Jacquelyn Martin/Associated Press

Jacquelyn Martin/Associated Press

Supreme Court nominee Ketanji Brown Jackson readily admits that her more than more than 570 written decisions tend to run long, something she’s sure that the senators holding her confirmation hearing this week have noticed.

There’s a good reason, Jackson said Monday, the first of four days of grilling by members of the Senate Judiciary Committee.

The first Black woman to be nominated to the nation’s highest court, she believes in transparency, in ensuring that people know the basis for decisions she made as a judge on both the U.S. District Court for the District of Columbia and the D.C. Circuit Court of Appeals.

“All of my professional experiences, including my work as a public defender and a trial judge, have instilled in me the importance of having each litigant in a case know that a judge has heard them,” Jackson said, “whether or not their arguments have prevailed in court.”

While Jackson spent most of her time thanking supporters including her parents, who grew up during the era of racial segregation and wanted something better for their daughter, lawmakers used as much of theirs on decades-long partisan grudges as on the nominee's qualifications.

GOP members, for instance, accused Democrats of engaging in the “politics of personal destruction,” as Sen. Mike Lee of Utah put it.

DARK MONEY

They recalled instances as disparate as President Ronald Reagan’s failed nomination of Robert Bork in the late 1980s - after a confirmation hearing led by Joe Biden, who was then chairman of the Judiciary Committee and is now president -  and the 2018 hearings for current Justice Brett Kavanaugh, which focused on claims of sexual misconduct.

GOP Sens. Ted Cruz of Texas and Marsha Blackburn of Tennessee ticked off a virtual hit list of Republican talking points, from accusations that the Supreme Court has appropriated duties the Constitution gave to Congress to a diatribe on transgender rights.

Democrats, still chafing from former GOP Majority Leader Mitch McConnell’s machinations that allowed former President Donald Trump to appoint three justices, emphasized Jackson’s accomplished resume while taking veiled and not-so-veiled shots at the other party’s tactics.

“The unpleasant fact is that the present court is the court that dark money built,” said Sen. Sheldon Whitehouse, a Rhode Island Democrat. "Anonymous donations funded the Federalist Society while it housed the selection turnstile run by the dark-money donors."

Trump, in fact, promised conservative outlet Breitbart in 2016 that all his judicial nominees would be picked by the Federalist Society, a self-described conservative and libertarian group that says it doesn’t “sponsor or endorse nominees” for public service.

Jackson’s nomination process offered a sharp contrast, he argued, with Biden undertaking a “thorough and independent review” of her record.

Nonetheless, “we have already seen dark-money groups use dark money to run ads charging that dark money swayed this selection,” Whitehouse said. “We are hearing that again today, ironic when hundreds of millions of dollars of right-wing dark money built the current court majority.”

Indeed, McConnell himself suggested such funds were used to secure Jackson’s nomination shortly after Biden announced it.

'Should have happened years ago'

A number of Republicans also used language echoing that of the Federalist Society to argue that justices should limit themselves to determining what the law is, not what it should be, and that they should adhere to largely unspecified “traditional values.”

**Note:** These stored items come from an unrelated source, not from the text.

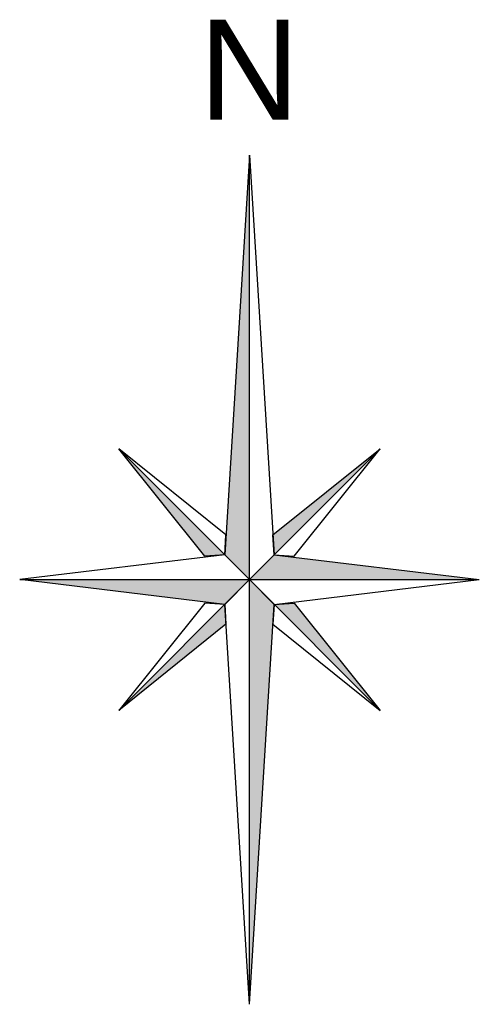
# Model space of a CAD drawing. Extents: x 635157 to 635442, y 694407 to 694910.
# Tile 19 of 104: x 635400.53 to 635409.73, y 694411 to 694430.71. Entities that reach past the tile are written whole.
import ezdxf
from ezdxf.enums import TextEntityAlignment as Align

# ---------------------------------------------------------------- set-up
doc = ezdxf.new("R2010")
doc.units = 0
doc.header["$MEASUREMENT"] = 0
doc.layers.get('0').update_dxf_attribs({"color": 12, "linetype": 'CONTINUOUS'})
doc.layers.add('APEX TITLE BLOCK', color=86, linetype='CONTINUOUS')
doc.styles.add('Arial', font='arial.ttf')

# ---------------------------------------------------------------- blocks, each defined once
blk = doc.blocks.new('NorthPoint')
at = {"layer": 'APEX TITLE BLOCK', "color": 7}
for points in [[(0, 42.5), (-2.475, 2.475)], [(0, -42.5), (0, 42.5)], [(0, 42.5), (2.475, 2.475)], [(-2.475, 2.475), (-2.351, 4.471), (-13.081, 13.081)], [(-2.475, 2.475), (-4.471, 2.351), (-13.081, 13.081)], [(0, 0), (-13.081, 13.081)], [(0, 0), (13.081, 13.081)], [(2.475, 2.475), (2.351, 4.471), (13.081, 13.081)], [(2.475, 2.475), (4.471, 2.351), (13.081, 13.081)], [(0, 0), (-2.475, 2.475), (-23, 0)], [(0, 0), (2.475, 2.475), (23, 0)], [(-23, 0), (23, 0)], [(0, 0), (-2.475, -2.475), (-23, 0)], [(0, 0), (-13.081, -13.081)], [(0, 0), (13.081, -13.081)], [(0, 0), (2.475, -2.475), (23, 0)], [(-2.475, -2.475), (-4.471, -2.351), (-13.081, -13.081)], [(-2.475, -2.475), (-2.351, -4.471), (-13.081, -13.081)], [(0, -42.5), (-2.475, -2.475)], [(0, -42.5), (2.475, -2.475)], [(2.475, -2.475), (2.351, -4.471), (13.081, -13.081)], [(2.475, -2.475), (4.471, -2.351), (13.081, -13.081)]]:
    blk.add_lwpolyline(points, dxfattribs=at)
for points in [[(-2.475, 2.475), (0, 0), (0, 42.5)], [(-4.471, 2.351), (-2.475, 2.475), (-13.081, 13.081)], [(2.475, 2.475), (2.351, 4.471), (13.081, 13.081)], [(0, 0), (2.475, 2.475), (23, 0)], [(0, 0), (-2.475, -2.475), (-23, 0)], [(0, 0), (2.475, -2.475), (0, -42.5)], [(-2.475, -2.475), (-2.351, -4.471), (-13.081, -13.081)], [(2.475, -2.475), (4.471, -2.351), (13.081, -13.081)]]:
    blk.add_solid(points, dxfattribs=at)
at = {"layer": 'APEX TITLE BLOCK', "color": 7, "style": 'Arial'}
blk.add_text('N', height=10, rotation=359.99995, dxfattribs=at).set_placement((-0.019, 46.042), align=Align.CENTER)

msp = doc.modelspace()

# ---------------------------------------------------------------- block references
at = {"linetype": 'ByBlock', "xscale": 0.2, "yscale": 0.2, "zscale": 0.2}
msp.add_blockref('NorthPoint', (635405.125, 694419.503), dxfattribs=at)

doc.saveas('drawing.dxf')
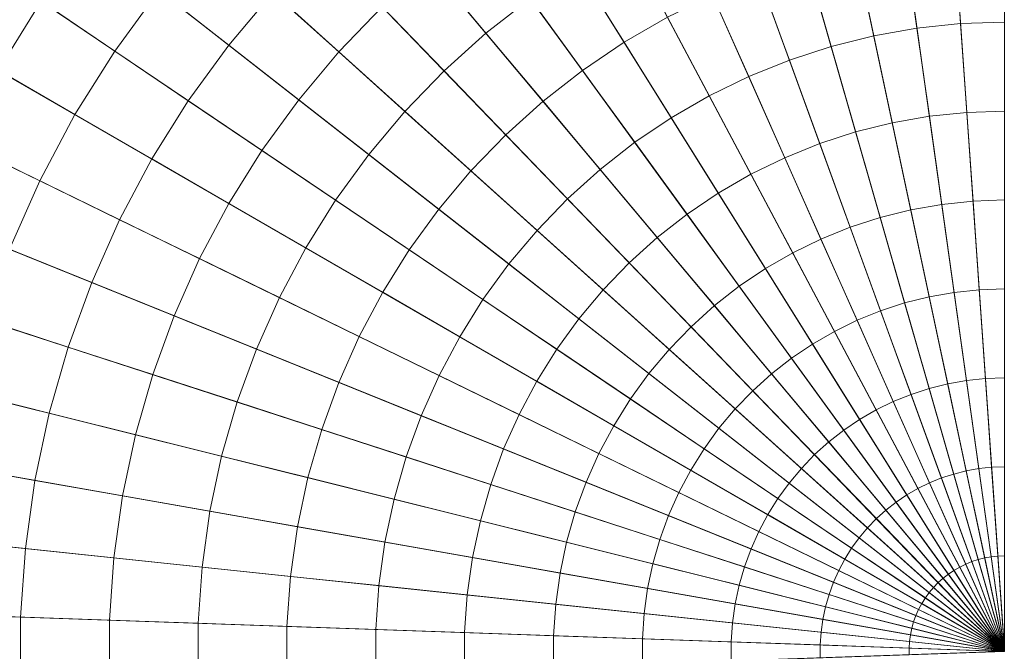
# Model space of a CAD drawing. Header units: centimetres. Extents: x -3.01 to 4.18, y -5.46 to 1.74.
# Tile 198 of 256: x 0.26 to 0.59, y -1.86 to -1.65. Entities that reach past the tile are written whole.
import ezdxf

# ---------------------------------------------------------------- set-up
doc = ezdxf.new("R2010")
doc.units = ezdxf.units.CM
doc.header["$LTSCALE"] = 2.54
doc.layers.add('Lucido design-1', color=7, linetype='Continuous')

# ---------------------------------------------------------------- blocks, each defined once
blk = doc.blocks.new('Gruppo-1')
at = {"color": 142, "linetype": 'Continuous', "lineweight": 9}
for points in [[(0.58636, -0.86103, 36.39157), (0.51664, -0.86346, 36.39157), (0.58636, -1.86046, 36.39157), (0.58636, -0.86103, 36.39157)], [(0.58636, -1.86046, 37.29882), (0.51664, -0.86346, 37.29882), (0.58636, -0.86103, 37.29882), (0.58636, -1.86046, 37.29882)], [(0.51664, -0.86346, 36.39157), (0.44727, -0.87075, 36.39157), (0.58636, -1.86046, 36.39157), (0.51664, -0.86346, 36.39157)], [(0.58636, -1.86046, 37.29882), (0.44727, -0.87075, 37.29882), (0.51664, -0.86346, 37.29882), (0.58636, -1.86046, 37.29882)], [(0.44727, -0.87075, 36.39157), (0.37857, -0.88287, 36.39157), (0.58636, -1.86046, 36.39157), (0.44727, -0.87075, 36.39157)], [(0.58636, -1.86046, 37.29882), (0.37857, -0.88287, 37.29882), (0.44727, -0.87075, 37.29882), (0.58636, -1.86046, 37.29882)], [(0.37857, -0.88287, 36.39157), (0.31088, -0.89974, 36.39157), (0.58636, -1.86046, 36.39157), (0.37857, -0.88287, 36.39157)], [(0.58636, -1.86046, 37.29882), (0.31088, -0.89974, 37.29882), (0.37857, -0.88287, 37.29882), (0.58636, -1.86046, 37.29882)], [(0.31088, -0.89974, 36.39157), (0.24453, -0.9213, 36.39157), (0.58636, -1.86046, 36.39157), (0.31088, -0.89974, 36.39157)], [(0.58636, -1.86046, 37.29882), (0.24453, -0.9213, 37.29882), (0.31088, -0.89974, 37.29882), (0.58636, -1.86046, 37.29882)], [(0.24453, -0.9213, 36.39157), (0.17985, -0.94743, 36.39157), (0.58636, -1.86046, 36.39157), (0.24453, -0.9213, 36.39157)], [(0.58636, -1.86046, 37.29882), (0.17985, -0.94743, 37.29882), (0.24453, -0.9213, 37.29882), (0.58636, -1.86046, 37.29882)], [(0.17985, -0.94743, 36.39157), (0.11715, -0.97801, 36.39157), (0.58636, -1.86046, 36.39157), (0.17985, -0.94743, 36.39157)], [(0.58636, -1.86046, 37.29882), (0.11715, -0.97801, 37.29882), (0.17985, -0.94743, 37.29882), (0.58636, -1.86046, 37.29882)], [(0.11715, -0.97801, 36.39157), (0.05674, -1.01289, 36.39157), (0.58636, -1.86046, 36.39157), (0.11715, -0.97801, 36.39157)], [(0.58636, -1.86046, 37.29882), (0.05674, -1.01289, 37.29882), (0.11715, -0.97801, 37.29882), (0.58636, -1.86046, 37.29882)], [(0.05674, -1.01289, 36.39157), (-0.00109, -1.0519, 36.39157), (0.58636, -1.86046, 36.39157), (0.05674, -1.01289, 36.39157)], [(0.58636, -1.86046, 37.29882), (-0.00109, -1.0519, 37.29882), (0.05674, -1.01289, 37.29882), (0.58636, -1.86046, 37.29882)], [(-0.00109, -1.0519, 36.39157), (-0.05606, -1.09485, 36.39157), (0.58636, -1.86046, 36.39157), (-0.00109, -1.0519, 36.39157)], [(0.58636, -1.86046, 37.29882), (-0.05606, -1.09485, 37.29882), (-0.00109, -1.0519, 37.29882), (0.58636, -1.86046, 37.29882)], [(-0.05606, -1.09485, 36.39157), (-0.1079, -1.14153, 36.39157), (0.58636, -1.86046, 36.39157), (-0.05606, -1.09485, 36.39157)], [(0.58636, -1.86046, 37.29882), (-0.1079, -1.14153, 37.29882), (-0.05606, -1.09485, 37.29882), (0.58636, -1.86046, 37.29882)], [(-0.1079, -1.14153, 36.39157), (-0.15636, -1.19171, 36.39157), (0.58636, -1.86046, 36.39157), (-0.1079, -1.14153, 36.39157)], [(0.58636, -1.86046, 37.29882), (-0.15636, -1.19171, 37.29882), (-0.1079, -1.14153, 37.29882), (0.58636, -1.86046, 37.29882)], [(-0.15636, -1.19171, 36.39157), (-0.2012, -1.24515, 36.39157), (0.58636, -1.86046, 36.39157), (-0.15636, -1.19171, 36.39157)], [(0.58636, -1.86046, 37.29882), (-0.2012, -1.24515, 37.29882), (-0.15636, -1.19171, 37.29882), (0.58636, -1.86046, 37.29882)], [(-0.2012, -1.24515, 36.39157), (-0.24221, -1.30158, 36.39157), (0.58636, -1.86046, 36.39157), (-0.2012, -1.24515, 36.39157)], [(0.58636, -1.86046, 37.29882), (-0.24221, -1.30158, 37.29882), (-0.2012, -1.24515, 37.29882), (0.58636, -1.86046, 37.29882)], [(-0.24221, -1.30158, 36.39157), (-0.27917, -1.36074, 36.39157), (0.58636, -1.86046, 36.39157), (-0.24221, -1.30158, 36.39157)], [(0.58636, -1.86046, 37.29882), (-0.27917, -1.36074, 37.29882), (-0.24221, -1.30158, 37.29882), (0.58636, -1.86046, 37.29882)], [(-0.27917, -1.36074, 36.39157), (-0.31193, -1.42234, 36.39157), (0.58636, -1.86046, 36.39157), (-0.27917, -1.36074, 36.39157)], [(0.58636, -1.86046, 37.29882), (-0.31193, -1.42234, 37.29882), (-0.27917, -1.36074, 37.29882), (0.58636, -1.86046, 37.29882)], [(-0.31193, -1.42234, 36.39157), (-0.3403, -1.48607, 36.39157), (0.58636, -1.86046, 36.39157), (-0.31193, -1.42234, 36.39157)], [(0.58636, -1.86046, 37.29882), (-0.3403, -1.48607, 37.29882), (-0.31193, -1.42234, 37.29882), (0.58636, -1.86046, 37.29882)], [(-0.3403, -1.48607, 36.39157), (-0.36416, -1.55162, 36.39157), (0.58636, -1.86046, 36.39157), (-0.3403, -1.48607, 36.39157)], [(0.58636, -1.86046, 37.29882), (-0.36416, -1.55162, 37.29882), (-0.3403, -1.48607, 37.29882), (0.58636, -1.86046, 37.29882)], [(-0.36416, -1.55162, 36.39157), (-0.38339, -1.61868, 36.39157), (0.58636, -1.86046, 36.39157), (-0.36416, -1.55162, 36.39157)], [(0.58636, -1.86046, 37.29882), (-0.38339, -1.61868, 37.29882), (-0.36416, -1.55162, 37.29882), (0.58636, -1.86046, 37.29882)], [(-0.38339, -1.61868, 36.39157), (-0.39789, -1.68691, 36.39157), (0.58636, -1.86046, 36.39157), (-0.38339, -1.61868, 36.39157)], [(0.58636, -1.86046, 37.29882), (-0.39789, -1.68691, 37.29882), (-0.38339, -1.61868, 37.29882), (0.58636, -1.86046, 37.29882)], [(-0.39789, -1.68691, 36.39157), (-0.4076, -1.75599, 36.39157), (0.58636, -1.86046, 36.39157), (-0.39789, -1.68691, 36.39157)], [(0.58636, -1.86046, 37.29882), (-0.4076, -1.75599, 37.29882), (-0.39789, -1.68691, 37.29882), (0.58636, -1.86046, 37.29882)], [(-0.4076, -1.75599, 36.39157), (-0.41246, -1.82558, 36.39157), (0.58636, -1.86046, 36.39157), (-0.4076, -1.75599, 36.39157)], [(0.58636, -1.86046, 37.29882), (-0.41246, -1.82558, 37.29882), (-0.4076, -1.75599, 37.29882), (0.58636, -1.86046, 37.29882)], [(-0.41246, -1.82558, 36.39157), (-0.41246, -1.89534, 36.39157), (0.58636, -1.86046, 36.39157), (-0.41246, -1.82558, 36.39157)], [(0.58636, -1.86046, 37.29882), (-0.41246, -1.89534, 37.29882), (-0.41246, -1.82558, 37.29882), (0.58636, -1.86046, 37.29882)]]:
    blk.add_polyline3d(points, dxfattribs=at)
for points in [[(0.58636, 1.73817, 37.29766), (0.33533, 1.7294, 37.29766), (0.58621, -1.8583, 37.29766), (0.58636, -1.8583, 37.29766)], [(0.33533, 1.7294, 37.29766), (0.08553, 1.70314, 37.29766), (0.58606, -1.85832, 37.29766), (0.58621, -1.8583, 37.29766)], [(0.08553, 1.70314, 37.29766), (-0.16184, 1.65953, 37.29766), (0.58591, -1.85835, 37.29766), (0.58606, -1.85832, 37.29766)], [(-0.16184, 1.65953, 37.29766), (-0.40555, 1.59876, 37.29766), (0.58577, -1.85838, 37.29766), (0.58591, -1.85835, 37.29766)], [(-0.40555, 1.59876, 37.29766), (-0.64444, 1.52114, 37.29766), (0.58562, -1.85843, 37.29766), (0.58577, -1.85838, 37.29766)], [(-0.64444, 1.52114, 37.29766), (-0.87733, 1.42705, 37.29766), (0.58548, -1.85849, 37.29766), (0.58562, -1.85843, 37.29766)], [(-0.87733, 1.42705, 37.29766), (-1.10309, 1.31694, 37.29766), (0.58535, -1.85855, 37.29766), (0.58548, -1.85849, 37.29766)], [(-1.10309, 1.31694, 37.29766), (-1.32062, 1.19135, 37.29766), (0.58522, -1.85863, 37.29766), (0.58535, -1.85855, 37.29766)], [(-1.32062, 1.19135, 37.29766), (-1.52886, 1.05089, 37.29766), (0.58509, -1.85871, 37.29766), (0.58522, -1.85863, 37.29766)], [(-1.52886, 1.05089, 37.29766), (-1.72679, 0.89625, 37.29766), (0.58497, -1.8588, 37.29766), (0.58509, -1.85871, 37.29766)], [(-1.72679, 0.89625, 37.29766), (-1.91345, 0.72817, 37.29766), (0.58486, -1.85891, 37.29766), (0.58497, -1.8588, 37.29766)], [(-1.91345, 0.72817, 37.29766), (-2.08794, 0.54749, 37.29766), (0.58475, -1.85901, 37.29766), (0.58486, -1.85891, 37.29766)], [(-2.08794, 0.54749, 37.29766), (-2.24939, 0.35507, 37.29766), (0.58466, -1.85913, 37.29766), (0.58475, -1.85901, 37.29766)], [(-2.24939, 0.35507, 37.29766), (-2.39704, 0.15187, 37.29766), (0.58457, -1.85925, 37.29766), (0.58466, -1.85913, 37.29766)], [(-2.39704, 0.15187, 37.29766), (-2.53014, -0.06115, 37.29766), (0.58449, -1.85938, 37.29766), (0.58457, -1.85925, 37.29766)], [(-2.53014, -0.06115, 37.29766), (-2.64806, -0.28293, 37.29766), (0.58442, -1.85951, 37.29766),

Parents “are very concerned about the progressive agenda being pushed in some of our schools,” Blackburn said.

“Biological males are being allowed to steal opportunities from female athletes in the name of progressivism,” she added, and many of her constituents fear more vaccine and mask mandates due to COVID-19 or future pandemics.

Blackburn's party has largely opposed requiring masks - believed to help prevent infection from a virus that forced the shutdown of much of the U.S. economy and killed hundreds of thousands of Americans - as well as mandates that people be inoculated against the disease before returning to public settings including classrooms.

“Americans need a Supreme Court justice who will protect our children and will defend parents’ constitutional right to decide what is best for their own children,” she said, implying that Jackson would not do so, then telling the jurist that her story is an example of the American dream being fulfilled.

“You are able to sit here today because you were reared and built your career in a free country whose laws protect equal justice and opportunity for all,” Blackburn said, moments after touching on critical race theory, an academic examination of racism in societal structures that the GOP has condemned.

Democrats and civil rights advocates point to the historic nature of Jackson’s nomination as proof that the U.S. continues to struggle with racial inequality and systemic discrimination.

“The appointment of a Black woman to the U.S. Supreme Court, let’s be very blunt, should have happened years ago,” Sen. Richard Blumenthal of Connecticut told Jackson.

“It means that your service will make the court look more like America,” he added. “Hopefully, too, it will make the court think more like America. We will never know in detail all of the challenges and obstacles that you’ve overcome to be here today, but we know for sure that you will bring an important perspective, in fact a unique perspective, to a court that deeply needs it.”